A dating app called Kismet identifies ideal matches, on a scale of one to 100, based on the internet profiles people build up through online activity. Since users can’t easily manipulate their profiles, Kismet scores can’t be inflated. So when Anna, already cohabiting with Pete—ranked 70 for her—has a chance meeting with her highest score to date, Geoff, an 81, what’s an almost-engaged, on-the-cusp-of-turning-30, beleaguered magazine writer to do? Once this intriguing hook is cast, the novel’s execution slackens. The main driver of suspense is the question of whom Anna ends up with. On the way to a conclusion that, to the author’s credit, is far from foregone, there are many segments whose sole functions seem to be expanding material that could have been dispatched in a novella to 400 pages.

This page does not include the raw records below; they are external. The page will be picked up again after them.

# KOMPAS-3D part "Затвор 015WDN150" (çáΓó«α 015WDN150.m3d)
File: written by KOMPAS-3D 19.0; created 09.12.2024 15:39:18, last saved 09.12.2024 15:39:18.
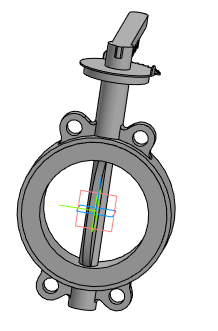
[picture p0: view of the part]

Document properties: Автор: Евгений; Полное имя файла: ..\Затвор 015WDN150.a3d

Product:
- Part/product: Затвор 015WDN150
    Масса: 20.0218

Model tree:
1. Операция без истории:1
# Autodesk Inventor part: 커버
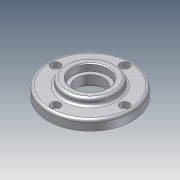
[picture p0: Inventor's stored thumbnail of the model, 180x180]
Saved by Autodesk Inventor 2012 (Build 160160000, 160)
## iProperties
Company: 한국ATC센터
Created: 2013-01
Part Number: 커버
Document SubType Name: Modeling
Designer: KYOUNG IL JANG
Density: 1 g/cm^3
Material: 기본값
Author: KYOUNG IL JANG
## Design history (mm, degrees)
sketch "스케치1"
  geometry: C1 r 31 at (0, 0) reference; C2 r 50 at (0, 0); 1 further point
  constraints: 1 centre point, 1 coincident
  dimensions: "d41" = 100 diameter of C2
extrude "돌출1" new body sketch "스케치1" distance "d0" = 12; taper "d1" = 0 deg
sketch "스케치2"
  geometry: C1 r 30 at (0, 0); 1 further point
  constraints: 1 centre point, 1 coincident
  dimensions: "d2" = 60 diameter of C1
extrude "돌출2" join sketch "스케치2" distance "d3" = 8; taper "d4" = 0 deg
fillet "모깎기1" dims "d5" = 3
sketch "스케치3" dims "d42" = 82
  geometry: 3 further points
  constraints: 2 vertical alignment, 1 coincident, 2 other
hole "구멍1" sketch "스케치3" at (0, 41) diameter "d6" = 6.6; stored, may be unused: countersink angle "d10" = 90 deg, drill point angle "d12" = 118 deg; dims "d7" = 6, "d8" = 11, "d9" = 6.5, "d11" = 8
hole "구멍2" diameter "d18" = 33; stored, may be unused: countersink angle "d22" = 90 deg, drill point angle "d24" = 118 deg; dims "d16" = 10, "d17" = 10, "d19" = 6, "d20" = 42, "d21" = 8.5, "d23" = 8
sketch "스케치4"
  geometry: C1 r 31 at (0, 0) reference; C2 r 22.5 at (0, 0); 1 further point
  constraints: 1 centre point, 1 coincident
  dimensions: "d43" = 45 diameter of C2
extrude "돌출3" join sketch "스케치4" distance "d25" = 6; taper "d26" = 0 deg
hole "구멍3" diameter "d29" = 50; stored, may be unused: countersink angle "d33" = 90 deg, drill point angle "d35" = 0 deg; dims "d27" = 10, "d28" = 10, "d30" = 6, "d31" = 42, "d32" = 8.5, "d34" = 7
fillet "모깎기2" dims "d36" = 3, "d37" = 0.3
chamfer "모따기1" distance "d38" = 1; stored, may be unused: second distance "d39" = 2, angle "d40" = 45 deg
node "솔리드1"
pattern_circular "원형 패턴1" dims angle "d14" = 360 deg
node "참조9"
node "참조11"

Anna’s extended birthday celebration is a case in point: At a pub session followed by a dinner party, Anna and her friends relate rambling and none-too-scintillating anecdotes almost in real time. Her character is assembled like a recipe: Mix two parts creative inventiveness with one part recently diagnosed depression and a dash of recent bereavement, then bake in a convection oven swirling with premature midlife dread. Still, Anna’s crises are refreshingly non–gender specific. She intends to control her own destiny irrespective of whom she’s paired with and takes the blame for her own bad decisions. In one scene that readers burned out with angst-ridden heroines like the one in the New Yorker story "Cat Person" will appreciate, she gets herself into a potentially compromising position with a date and then decides not to sleep with him because “she just doesn’t want to.” Tredget is obviously in tune with the travesties wrought, and ethical quandaries posed, by corporate-controlled media: His protagonist’s work debacles amply illustrate the increasingly blurred lines between journalism and advertising.

Despite some missteps, a thought-provoking debut.